Data excerpts:
---

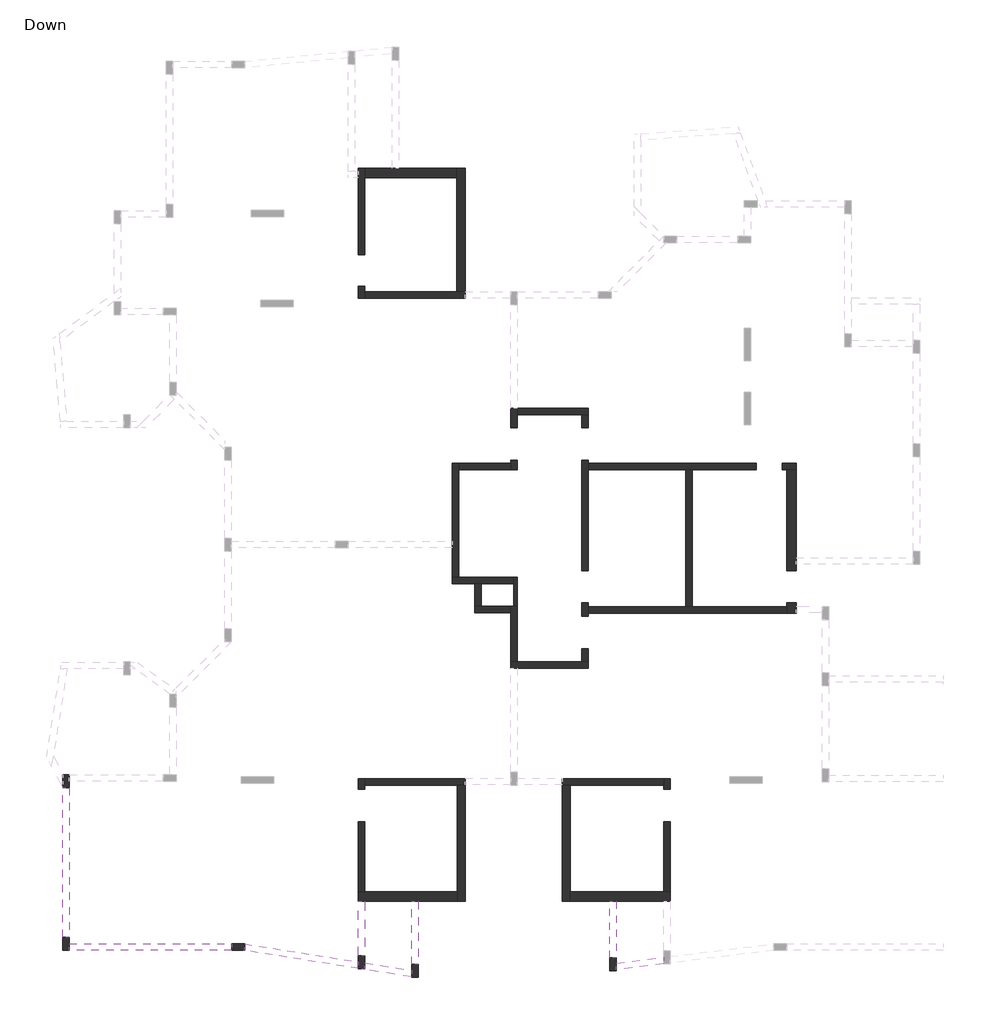
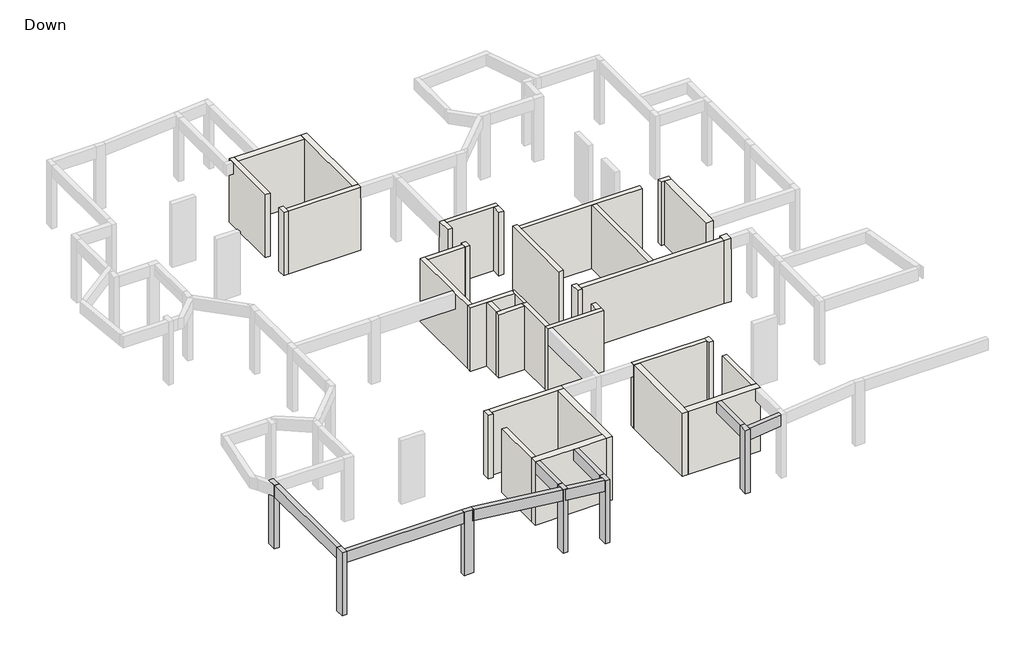
# One storey, part 1 of 3: 36 walls, 8 beams, 6 columns.
"""IFC4 building model written with IfcOpenShell, lengths in millimetres."""

from ifc_helpers import new_model, si_unit, frame, origin, place, context, project, spatial, polyline, outline, extrude, faceted_brep, element, save

model = new_model("IFC4")

# Units and contexts
model_context = context("Model", 3, world=origin())
ifc_project = project(units=[si_unit("LENGTHUNIT", "METRE", prefix="MILLI")], contexts=[model_context])

# Site, building, storey
site = spatial("IfcSite", under=ifc_project)
building = spatial("IfcBuilding", under=site)
storey = spatial("IfcBuildingStorey", under=building, Name="Down", Elevation=0.0)

# Beams
placement = place(None, origin())
element("IfcBeam", 1, ObjectType="Concrete Rectengular Beam : 20/50", at=placement, inside=storey, context=model_context, shape_type="Brep", body=[
    faceted_brep([(-9483.9897454, -17344.4159012, 2850.0), (-9283.9897454, -17344.4159012, 2850.0), (-9283.9897454, -15667.9244771, 2850.0), (-9483.9897454, -15667.9244771, 2850.0), (-9283.9897454, -17344.4159012, 2350.0), (-9283.9897454, -15667.9244771, 2350.0), (-9283.9897454, -15667.9244771, 2650.0), (-9483.9897454, -17344.4159012, 2350.0), (-9483.9897454, -15667.9244771, 2350.0), (-9483.9897454, -15667.9244771, 2650.0), (-9483.9897454, -17344.4159012, 2650.0)], [[[0, 1, 2, 3]], [[1, 4, 5, 6, 2]], [[4, 7, 8, 5]], [[0, 3, 9, 8, 7, 10]], [[1, 0, 10, 7, 4]], [[3, 2, 6, 5, 8, 9]]]),
])
element("IfcBeam", 2, ObjectType="Concrete Rectengular Beam : 20/50", at=placement, inside=storey, context=model_context, shape_type="Brep", body=[
    faceted_brep([(-9283.9897454, -17557.8098157, 2850.0), (-9283.9897454, -17744.4159012, 2850.0), (-9383.9897454, -17744.4159012, 2850.0), (-7844.4831614, -17989.3374032, 2850.0), (-7844.4831614, -17786.8222268, 2850.0), (-7844.4831614, -17786.8222268, 2650.0), (-7844.4831614, -17786.8222268, 2350.0), (-9283.9897454, -17557.8098157, 2350.0), (-9283.9897454, -17557.8098157, 2650.0), (-9283.9897454, -17744.4159012, 2350.0), (-7844.4831614, -17989.3374032, 2350.0), (-9383.9897454, -17744.4159012, 2350.0)], [[[0, 1, 2, 3, 4]], [[0, 4, 5, 6, 7, 8]], [[9, 7, 6, 10, 11]], [[2, 11, 10, 3]], [[9, 1, 0, 8, 7]], [[1, 9, 11, 2]], [[4, 3, 10, 6, 5]]]),
])
element("IfcBeam", 3, ObjectType="Concrete Rectengular Beam : 20/50", at=placement, inside=storey, context=model_context, shape_type="Brep", body=[
    faceted_brep([(-12973.5990213, -16973.3846199, 2850.0), (-12973.5990213, -17169.7313812, 2850.0), (-13012.4050044, -17169.7313812, 2850.0), (-9483.9897454, -17728.5774572, 2850.0), (-9483.9897454, -17526.0844321, 2850.0), (-9483.9897454, -17526.0844321, 2650.0), (-9483.9897454, -17526.0844321, 2350.0), (-12973.5990213, -16973.3846199, 2350.0), (-12973.5990213, -16973.3846199, 2650.0), (-12973.5990213, -17169.7313812, 2350.0), (-9483.9897454, -17728.5774572, 2350.0), (-13012.4050044, -17169.7313812, 2350.0)], [[[0, 1, 2, 3, 4]], [[0, 4, 5, 6, 7, 8]], [[9, 7, 6, 10, 11]], [[2, 11, 10, 3]], [[1, 9, 11, 2]], [[1, 0, 8, 7, 9]], [[3, 10, 6, 5, 4]]]),
])
element("IfcBeam", 4, ObjectType="Concrete Rectengular Beam : 20/50", at=placement, inside=storey, context=model_context, shape_type="Brep", body=[
    faceted_brep([(-18379.347479, -16969.7313812, 2850.0), (-18379.347479, -17169.7313812, 2850.0), (-13373.5990213, -17169.7313812, 2850.0), (-13373.5990213, -16969.7313812, 2850.0), (-13373.5990213, -16969.7313812, 2650.0), (-13373.5990213, -16969.7313812, 2350.0), (-18379.347479, -16969.7313812, 2350.0), (-18379.347479, -16969.7313812, 2650.0), (-18379.347479, -17169.7313812, 2350.0), (-13373.5990213, -17169.7313812, 2350.0)], [[[0, 1, 2, 3]], [[0, 3, 4, 5, 6, 7]], [[8, 6, 5, 9]], [[1, 8, 9, 2]], [[1, 0, 7, 6, 8]], [[3, 2, 9, 5, 4]]]),
])
element("IfcBeam", 5, ObjectType="Concrete Rectengular Beam : 20/50", at=placement, inside=storey, context=model_context, shape_type="Brep", body=[
    faceted_brep([(-7844.4831614, -17605.2464942, 2850.0), (-7644.4831614, -17605.2464942, 2850.0), (-7644.4831614, -15667.9244771, 2850.0), (-7844.4831614, -15667.9244771, 2850.0), (-7644.4831614, -17605.2464942, 2350.0), (-7644.4831614, -15667.9244771, 2350.0), (-7844.4831614, -17605.2464942, 2350.0), (-7844.4831614, -15667.9244771, 2350.0), (-7844.4831614, -15667.9244771, 2650.0)], [[[0, 1, 2, 3]], [[1, 4, 5, 2]], [[4, 6, 7, 5]], [[6, 0, 3, 8, 7]], [[1, 0, 6, 4]], [[3, 2, 5, 7, 8]]]),
])
element("IfcBeam", 6, ObjectType="Concrete Rectengular Beam : 20/50", at=placement, inside=storey, context=model_context, shape_type="SweptSolid", body=[
    extrude(outline(polyline([(-18579.347479, -12165.3513235), (-18379.347479, -12165.3513235), (-18379.347479, -16769.7313812), (-18579.347479, -16769.7313812), (-18579.347479, -12165.3513235)])), frame((0.0, 0.0, 2350.0), z_axis=(0.0, 0.0, 1.0), x_axis=(1.0, 0.0, 0.0)), (0.0, 0.0, 1.0), 500.0),
])
element("IfcBeam", 7, ObjectType="Concrete Rectengular Beam : 20/50", at=placement, inside=storey, context=model_context, shape_type="Brep", body=[
    faceted_brep([(-1546.410046, -17563.5051163, 2850.0), (-1546.410046, -17765.0070814, 2850.0), (-87.6035477, -17585.8881661, 2850.0), (-87.6035477, -17384.386201, 2850.0), (-87.6035477, -17384.386201, 2650.0), (-87.6035477, -17384.386201, 2350.0), (-1546.410046, -17563.5051163, 2350.0), (-1546.410046, -17563.5051163, 2650.0), (-1546.410046, -17765.0070814, 2350.0), (-87.6035477, -17585.8881661, 2350.0)], [[[0, 1, 2, 3]], [[0, 3, 4, 5, 6, 7]], [[8, 6, 5, 9]], [[1, 8, 9, 2]], [[1, 0, 7, 6, 8]], [[3, 2, 9, 5, 4]]]),
])
element("IfcBeam", 8, ObjectType="Concrete Rectengular Beam : 20/50", at=placement, inside=storey, context=model_context, shape_type="Brep", body=[
    faceted_brep([(-1746.410046, -17401.7807651, 2850.0), (-1546.410046, -17401.7807651, 2850.0), (-1546.410046, -15667.9244771, 2850.0), (-1746.410046, -15667.9244771, 2850.0), (-1546.410046, -17401.7807651, 2350.0), (-1546.410046, -15667.9244771, 2350.0), (-1546.410046, -15667.9244771, 2650.0), (-1746.410046, -17401.7807651, 2350.0), (-1746.410046, -15667.9244771, 2350.0)], [[[0, 1, 2, 3]], [[1, 4, 5, 6, 2]], [[4, 7, 8, 5]], [[7, 0, 3, 8]], [[1, 0, 7, 4]], [[3, 2, 6, 5, 8]]]),
])

# Columns
element("IfcColumn", 9, ObjectType="Concrete Rectengular Column : 20/40", at=placement, inside=storey, context=model_context, shape_type="Brep", body=[
    faceted_brep([(-18379.347479, -11765.3513235, 0.0), (-18379.347479, -12165.3513235, 0.0), (-18579.347479, -12165.3513235, 0.0), (-18579.347479, -11765.3513235, 0.0), (-18379.347479, -11765.3513235, 2850.0), (-18379.347479, -11965.3513235, 2850.0), (-18379.347479, -12165.3513235, 2850.0), (-18579.347479, -12165.3513235, 2850.0), (-18579.347479, -12157.819908, 2850.0), (-18579.347479, -11765.3513235, 2850.0), (-18579.347479, -11765.3513235, 2350.0), (-18561.5127169, -11765.3513235, 2850.0)], [[[0, 1, 2, 3]], [[4, 5, 6, 1, 0]], [[6, 7, 2, 1]], [[7, 8, 9, 10, 3, 2]], [[9, 11, 4, 0, 3, 10]], [[4, 11, 9, 8, 7, 6, 5]]]),
])
element("IfcColumn", 10, ObjectType="Concrete Rectengular Column : 20/40", at=placement, inside=storey, context=model_context, shape_type="Brep", body=[
    faceted_brep([(-18579.347479, -17169.7313812, 0.0), (-18579.347479, -16769.7313812, 0.0), (-18379.347479, -16769.7313812, 0.0), (-18379.347479, -17169.7313812, 0.0), (-18579.347479, -17169.7313812, 2850.0), (-18579.347479, -16769.7313812, 2850.0), (-18379.347479, -16769.7313812, 2850.0), (-18379.347479, -16969.7313812, 2850.0), (-18379.347479, -17169.7313812, 2850.0)], [[[0, 1, 2, 3]], [[4, 5, 1, 0]], [[5, 6, 2, 1]], [[6, 7, 8, 3, 2]], [[8, 4, 0, 3]], [[4, 8, 7, 6, 5]]]),
])
element("IfcColumn", 11, ObjectType="Concrete Rectengular Column : 20/40", at=placement, inside=storey, context=model_context, shape_type="Brep", body=[
    faceted_brep([(-12973.5990213, -17169.7313812, 0.0), (-13373.5990213, -17169.7313812, 0.0), (-13373.5990213, -16969.7313812, 0.0), (-12973.5990213, -16969.7313812, 0.0), (-12973.5990213, -17169.7313812, 2850.0), (-13373.5990213, -17169.7313812, 2850.0), (-13373.5990213, -16969.7313812, 2850.0), (-12973.5990213, -16969.7313812, 2850.0), (-12973.5990213, -16969.7313812, 2650.0), (-12973.5990213, -16973.3846199, 2850.0)], [[[0, 1, 2, 3]], [[4, 5, 1, 0]], [[5, 6, 2, 1]], [[6, 7, 8, 3, 2]], [[7, 9, 4, 0, 3, 8]], [[4, 9, 7, 6, 5]]]),
])
element("IfcColumn", 12, ObjectType="Concrete Rectengular Column : 20/40", at=placement, inside=storey, context=model_context, shape_type="Brep", body=[
    faceted_brep([(-9283.9897454, -17344.4159012, 0.0), (-9283.9897454, -17744.4159012, 0.0), (-9483.9897454, -17744.4159012, 0.0), (-9483.9897454, -17344.4159012, 0.0), (-9283.9897454, -17344.4159012, 2850.0), (-9283.9897454, -17557.8098157, 2850.0), (-9283.9897454, -17744.4159012, 2850.0), (-9483.9897454, -17744.4159012, 2850.0), (-9483.9897454, -17526.0844321, 2850.0), (-9483.9897454, -17344.4159012, 2850.0)], [[[0, 1, 2, 3]], [[4, 5, 6, 1, 0]], [[6, 7, 2, 1]], [[7, 8, 9, 3, 2]], [[9, 4, 0, 3]], [[4, 9, 8, 7, 6, 5]]]),
])
element("IfcColumn", 13, ObjectType="Concrete Rectengular Column : 20/40", at=placement, inside=storey, context=model_context, shape_type="Brep", body=[
    faceted_brep([(-7644.4831614, -17605.2464942, 0.0), (-7644.4831614, -18005.2464942, 0.0), (-7844.4831614, -18005.2464942, 0.0), (-7844.4831614, -17605.2464942, 0.0), (-7644.4831614, -17605.2464942, 2850.0), (-7644.4831614, -18005.2464942, 2850.0), (-7844.4831614, -18005.2464942, 2850.0), (-7844.4831614, -17786.8222268, 2850.0), (-7844.4831614, -17605.2464942, 2850.0)], [[[0, 1, 2, 3]], [[4, 5, 1, 0]], [[5, 6, 2, 1]], [[6, 7, 8, 3, 2]], [[8, 4, 0, 3]], [[4, 8, 7, 6, 5]]]),
])
element("IfcColumn", 14, ObjectType="Concrete Rectengular Column : 20/40", at=placement, inside=storey, context=model_context, shape_type="Brep", body=[
    faceted_brep([(-1546.410046, -17401.7807651, 0.0), (-1546.410046, -17801.7807651, 0.0), (-1746.410046, -17801.7807651, 0.0), (-1746.410046, -17401.7807651, 0.0), (-1546.410046, -17401.7807651, 2850.0), (-1546.410046, -17563.5051163, 2850.0), (-1546.410046, -17801.7807651, 2850.0), (-1746.410046, -17801.7807651, 2850.0), (-1746.410046, -17401.7807651, 2850.0)], [[[0, 1, 2, 3]], [[4, 5, 6, 1, 0]], [[6, 7, 2, 1]], [[7, 8, 3, 2]], [[8, 4, 0, 3]], [[4, 8, 7, 6, 5]]]),
])

# Walls
element("IfcWall", 15, ObjectType="10", at=placement, inside=storey, context=model_context, shape_type="Brep", body=[
    faceted_brep([(-4697.6379386, -5683.2914692, 0.0), (-4697.6379386, -5883.2914692, 0.0), (-4697.6379386, -6583.2914692, 0.0), (-4697.6379386, -6583.2914692, 2850.0), (-4697.6379386, -5883.2914692, 2850.0), (-4697.6379386, -5683.2914692, 2850.0), (-4597.6379386, -5683.2914692, 0.0), (-4597.6379386, -5683.2914692, 2650.0), (-4597.6379386, -5683.2914692, 2850.0), (-4597.6379386, -6583.2914692, 2850.0), (-4597.6379386, -6583.2914692, 0.0), (-4602.6379386, -5683.2914692, 2850.0)], [[[0, 1, 2, 3, 4, 5]], [[6, 7, 8, 9, 10]], [[2, 1, 0, 6, 10]], [[5, 4, 3, 9, 8, 11]], [[3, 2, 10, 9]], [[0, 5, 11, 8, 7, 6]]]),
])
element("IfcWall", 16, ObjectType="20", at=placement, inside=storey, context=model_context, shape_type="Brep", body=[
    faceted_brep([(-9490.6856227, 6897.8899275, 0.0), (-9490.6856227, 4237.8899275, 0.0), (-9490.6856227, 4237.8899275, 2650.0), (-9490.6856227, 4237.8899275, 2850.0), (-9490.6856227, 6598.9542002, 2850.0), (-9490.6856227, 6798.9542002, 2850.0), (-9490.6856227, 6897.8899275, 2850.0), (-9490.6856227, 6897.8899275, 2650.0), (-9290.6856227, 6897.8899275, 0.0), (-9290.6856227, 6897.8899275, 2850.0), (-9290.6856227, 6597.8899275, 2850.0), (-9290.6856227, 4237.8899275, 2850.0), (-9290.6856227, 4237.8899275, 2650.0), (-9290.6856227, 4237.8899275, 0.0), (-9290.6856227, 6597.8899275, 0.0)], [[[0, 1, 2, 3, 4, 5, 6, 7]], [[8, 9, 10, 11, 12, 13, 14]], [[1, 0, 8, 14, 13]], [[3, 2, 1, 13, 12, 11]], [[6, 5, 4, 3, 11, 10, 9]], [[0, 7, 6, 9, 8]]]),
])
element("IfcWall", 17, ObjectType="20", at=placement, inside=storey, context=model_context, shape_type="Brep", body=[
    faceted_brep([(-9490.6856227, 3262.2142639, 0.0), (-9490.6856227, 2895.9323955, 0.0), (-9490.6856227, 2895.9323955, 2650.0), (-9490.6856227, 2895.9323955, 2850.0), (-9490.6856227, 3262.2142639, 2850.0), (-9490.6856227, 3262.2142639, 2650.0), (-9290.6856227, 3262.2142639, 0.0), (-9290.6856227, 3262.2142639, 2650.0), (-9290.6856227, 3262.2142639, 2850.0), (-9290.6856227, 3095.9323955, 2850.0), (-9290.6856227, 2895.9323955, 2850.0), (-9290.6856227, 2895.9323955, 0.0), (-9290.6856227, 3095.9323955, 0.0)], [[[0, 1, 2, 3, 4, 5]], [[6, 7, 8, 9, 10, 11, 12]], [[1, 0, 6, 12, 11]], [[4, 3, 10, 9, 8]], [[0, 5, 4, 8, 7, 6]], [[3, 2, 1, 11, 10]]]),
])
element("IfcWall", 18, ObjectType="20", at=placement, inside=storey, context=model_context, shape_type="Brep", body=[
    faceted_brep([(-9290.6856227, 2895.9323955, 0.0), (-6200.1625371, 2895.9323955, 0.0), (-6200.1625371, 2895.9323955, 2350.0), (-6200.1625371, 2895.9323955, 2850.0), (-9290.6856227, 2895.9323955, 2850.0), (-9290.6856227, 3095.9323955, 0.0), (-9290.6856227, 3095.9323955, 2650.0), (-9290.6856227, 3095.9323955, 2850.0), (-6450.1625371, 3095.9323955, 2850.0), (-6200.1625371, 3095.9323955, 2850.0), (-6200.1625371, 3095.9323955, 2350.0), (-6200.1625371, 3095.9323955, 0.0), (-6450.1625371, 3095.9323955, 0.0)], [[[0, 1, 2, 3, 4]], [[5, 6, 7, 8, 9, 10, 11, 12]], [[1, 0, 5, 12, 11]], [[4, 3, 9, 8, 7]], [[0, 4, 7, 6, 5]], [[3, 2, 1, 11, 10, 9]]]),
])
element("IfcWall", 19, ObjectType="20", at=placement, inside=storey, context=model_context, shape_type="Brep", body=[
    faceted_brep([(-9283.9897454, -12214.5716558, 0.0), (-9283.9897454, -12083.2914692, 0.0), (-9283.9897454, -11883.2914692, 0.0), (-9283.9897454, -11883.2914692, 2850.0), (-9283.9897454, -12083.2914692, 2850.0), (-9283.9897454, -12214.5716558, 2850.0), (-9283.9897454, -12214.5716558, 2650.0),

---

▶ [WHAT IS NEEDED]: An exact copy of the lines above, from the first through the line that holds "placement = place(None, origin())", is what is needed; leave the pictures out.

▶ [RESULT OF THIS EXERCISE]:
# One storey, part 1 of 3: 36 walls, 8 beams, 6 columns.
"""IFC4 building model written with IfcOpenShell, lengths in millimetres."""

from ifc_helpers import new_model, si_unit, frame, origin, place, context, project, spatial, polyline, outline, extrude, faceted_brep, element, save

model = new_model("IFC4")

# Units and contexts
model_context = context("Model", 3, world=origin())
ifc_project = project(units=[si_unit("LENGTHUNIT", "METRE", prefix="MILLI")], contexts=[model_context])

# Site, building, storey
site = spatial("IfcSite", under=ifc_project)
building = spatial("IfcBuilding", under=site)
storey = spatial("IfcBuildingStorey", under=building, Name="Down", Elevation=0.0)

# Beams
placement = place(None, origin())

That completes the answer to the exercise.